I think alien monkeys must have put a “chimp” in my back so that I could be somehow identified or tracked from Mars or something!!

Before my monkeys ever came and got me, when I was still in cat durance vile, something was done to me back there, and when I was in the Lost Time and was arrested and brought to another cat torture place, they waved a wand over me. They seemed disappointed then – maybe it didn’t tell them all about my adventures, or about the First Monkeys who had torturers cut away my front-knives and some other prized parts of my person. Those First Monkeys… it’s probably best that I don’t really remember. I still get scared
in the dark at bedtime; I don’t know why, but I only like the foot of the bed-thing at night. However, I have come to enjoy cuddling and petting with the male monkey, and even allow him to curl me up in his arms and hold me. He finally learned how to do it properly, of course.

Also, I don’t like feet much. Feet with shoes, especially. I run away sometimes and have to remember “you’re safe, you’re safe.” And then, of course, I stroll back and pretend nonchalance. That is all I really can recall of my time “before,” really; a vague feeling of fear and an overpowering need to escape.

Fortunately, I now love and trust my dear monkeys, and they seem to understand that sometimes I get a little scared, but it goes away quickly. Even yesterday, I was never really that scared. I just stayed in my cat-fu defensive posture until it was clear that the worst was over and there would be no poking up one’s personal backside area.

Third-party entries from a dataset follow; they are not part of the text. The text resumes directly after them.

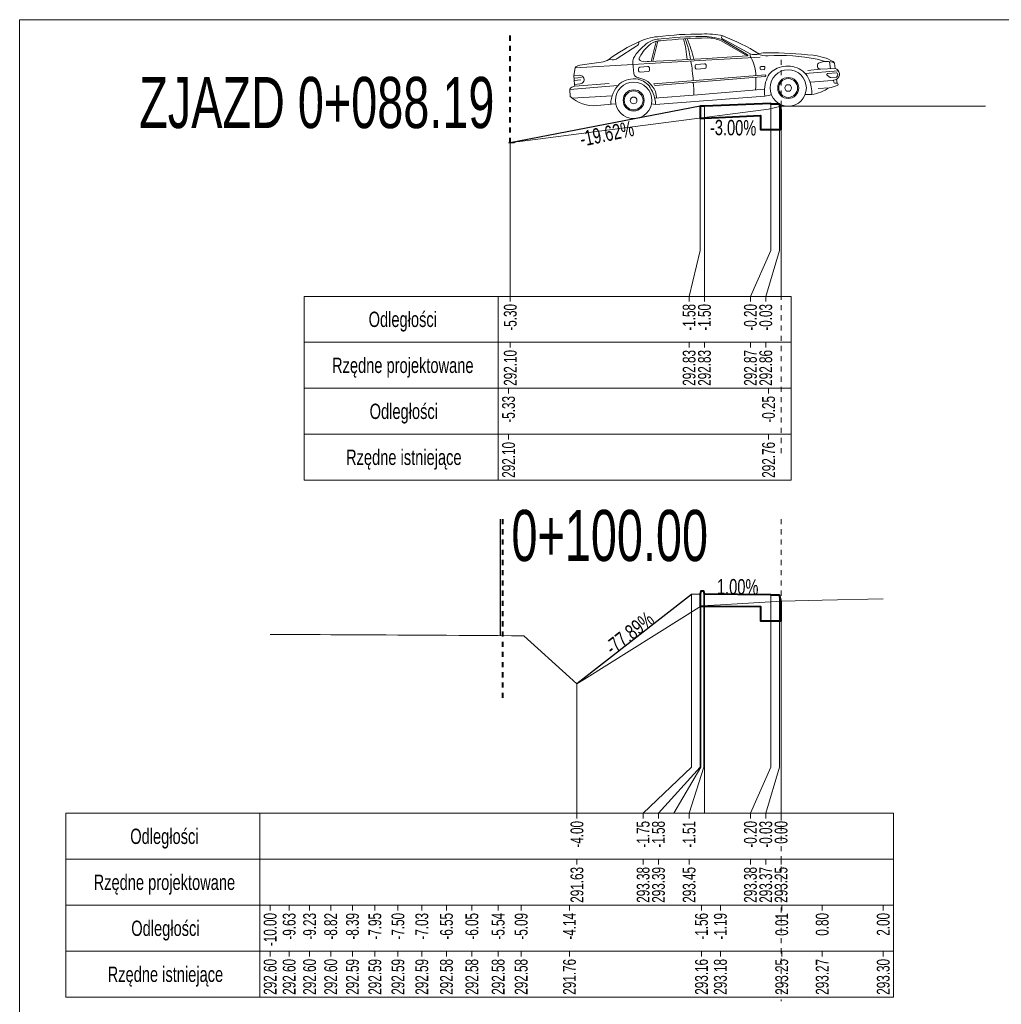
# Model space of a CAD drawing. Header units: metres. Extents: x 7438940.7 to 7438996.8, y 5557059.8 to 5557145.6.
# Tile 2 of 6: x 7438940.7 to 7438959.9, y 5557080.6 to 5557099.9. Entities that reach past the tile are written whole.
import ezdxf
from ezdxf.enums import TextEntityAlignment as Align

# ---------------------------------------------------------------- set-up
doc = ezdxf.new("R2010")
doc.units = ezdxf.units.M
doc.header["$MEASUREMENT"] = 0
doc.linetypes.add('DGN Style 4', pattern=[0.045851, 0.022926, -0.011463, 0, -0.011463])
for name, color, linetype, lineweight in [('1', 7, 'Continuous', 0), ('45', 7, 'Continuous', 0), ('60', 7, 'Continuous', 0), ('chodnik', 7, 'Continuous', 0), ('pobocze', 7, 'Continuous', 0), ('projektowany', 7, 'Continuous', 0), ('skarpa', 7, 'Continuous', 0), ('Warstwa 3', 7, 'Continuous', 0)]:
    doc.layers.add(name, color=color, linetype=linetype, lineweight=lineweight)
doc.styles.add('Style-Arial Narrow', font='ARIALN.TTF')

msp = doc.modelspace()

# ---------------------------------------------------------------- linework, layer by layer
at = {"layer": '1', "color": 1, "linetype": 'DGN Style 4', "lineweight": 40}
for p, q in [((7438950.3, 5557097.468), (7438950.3, 5557099.632)), ((7438950.15, 5557090.107), (7438950.15, 5557086.507))]:
    msp.add_line(p, q, dxfattribs=at)
at = {"layer": '1', "color": 6, "lineweight": 13}
msp.add_line((7438955.6, 5557098.189), (7438959.603, 5557098.185), dxfattribs=at)
at = {"layer": '1', "color": 6, "linetype": 'Continuous', "lineweight": 30, "ltscale": 0.08}
msp.add_line((7438950.1, 5557090.107), (7438950.1, 5557087.826), dxfattribs=at)
at = {"layer": '1', "color": 7, "linetype": 'Continuous', "lineweight": 0, "flags": 128}
for points in [[(7438950.266, 5557097.468), (7438950.324, 5557097.468), (7438950.377, 5557097.467), (7438950.413, 5557097.49), (7438950.427, 5557097.498), (7438950.484, 5557097.496), (7438955.355, 5557098.13), (7438955.6, 5557098.187)], [(7438954.02, 5557098.189), (7438954.02, 5557095.365), (7438953.8, 5557094.465)], [(7438954.1, 5557098.189), (7438954.1, 5557095.365), (7438954.1, 5557094.465)], [(7438955.4, 5557098.238), (7438955.4, 5557095.365), (7438955, 5557094.465), (7438955, 5557094.465)], [(7438955.57, 5557098.228), (7438955.57, 5557095.365), (7438955.3, 5557094.465), (7438955.3, 5557094.465)], [(7438955.6, 5557098.188), (7438955.6, 5557095.365), (7438955.6, 5557094.465), (7438955.6, 5557094.465)], [(7438950.3, 5557097.468), (7438950.3, 5557095.365), (7438950.3, 5557094.465), (7438950.3, 5557094.465)], [(7438945.6, 5557087.85), (7438945.776, 5557087.849), (7438945.972, 5557087.848), (7438946.171, 5557087.847), (7438946.372, 5557087.846), (7438946.577, 5557087.845), (7438946.785, 5557087.844), (7438946.996, 5557087.843), (7438947.21, 5557087.841), (7438947.428, 5557087.84), (7438947.649, 5557087.839), (7438947.873, 5557087.838), (7438948.101, 5557087.837), (7438948.332, 5557087.835), (7438948.568, 5557087.834), (7438948.807, 5557087.833), (7438949.05, 5557087.831), (7438949.297, 5557087.83), (7438949.548, 5557087.829), (7438949.803, 5557087.827), (7438950.063, 5557087.826), (7438950.327, 5557087.824), (7438950.513, 5557087.823), (7438950.548, 5557087.823), (7438950.563, 5557087.823), (7438951.458, 5557087.012), (7438951.605, 5557086.88), (7438951.755, 5557086.974), (7438954.042, 5557088.407), (7438954.412, 5557088.426), (7438955.613, 5557088.497), (7438956.405, 5557088.516), (7438957.6, 5557088.546)], [(7438953.85, 5557088.628), (7438953.85, 5557085.248), (7438952.9, 5557084.348), (7438952.9, 5557084.348)], [(7438954.02, 5557088.639), (7438954.02, 5557085.248), (7438953.2, 5557084.348), (7438953.2, 5557084.348)], [(7438954.03, 5557088.693), (7438954.03, 5557085.248), (7438953.5, 5557084.348), (7438953.5, 5557084.348)], [(7438954.09, 5557088.693), (7438954.09, 5557085.248), (7438953.8, 5557084.348), (7438953.8, 5557084.348)], [(7438954.1, 5557088.639), (7438954.1, 5557085.248), (7438954.1, 5557084.348), (7438954.1, 5557084.348)], [(7438955.4, 5557088.626), (7438955.4, 5557085.248), (7438955, 5557084.348), (7438955, 5557084.348)], [(7438955.57, 5557088.616), (7438955.57, 5557085.248), (7438955.3, 5557084.348), (7438955.3, 5557084.348)], [(7438955.6, 5557088.496), (7438955.6, 5557085.248), (7438955.6, 5557084.348), (7438955.6, 5557084.348)], [(7438951.605, 5557086.88), (7438951.605, 5557085.248), (7438951.605, 5557084.348), (7438951.605, 5557084.348)]]:
    msp.add_lwpolyline(points, dxfattribs=at)
at = {"layer": '45', "color": 7, "linetype": 'Continuous', "lineweight": 0}
for p, q in [((7438954.995, 5557099.213), (7438954.436, 5557099.52)), ((7438952.394, 5557099.12), (7438952.776, 5557099.37)), ((7438953.056, 5557099.063), (7438953.153, 5557099.452)), ((7438953.088, 5557099.064), (7438953.187, 5557099.46)), ((7438954.428, 5557099.462), (7438954.935, 5557099.169)), ((7438954.44, 5557099.49), (7438954.944, 5557099.19)), ((7438954.152, 5557099.119), (7438954.939, 5557099.17)), ((7438954.487, 5557099.104), (7438955.19, 5557099.143)), ((7438951.568, 5557098.936), (7438951.544, 5557098.786)), ((7438952.7, 5557099.002), (7438951.568, 5557098.936)), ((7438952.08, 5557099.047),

Eventually I was able to relax and purr for them a little as they petted me in the little torture room, just to show them there were no hard feelings.

Finally, finally, the torture monkey seemed to conclude her examination of me, and apparently I passed with flying colors, and I didn’t even have to tell them where even one fuzzy mouse is tucked under the… never mind. Back into the carrier-thing, more waiting out in the gathering room looking at other cats. One of them was rather hissy, so I ignored him. Bad form.

And back we came to our warm cave, where I received treats and some playtime with my favorite new ba-woingy jingle-thing. All is now right in the world.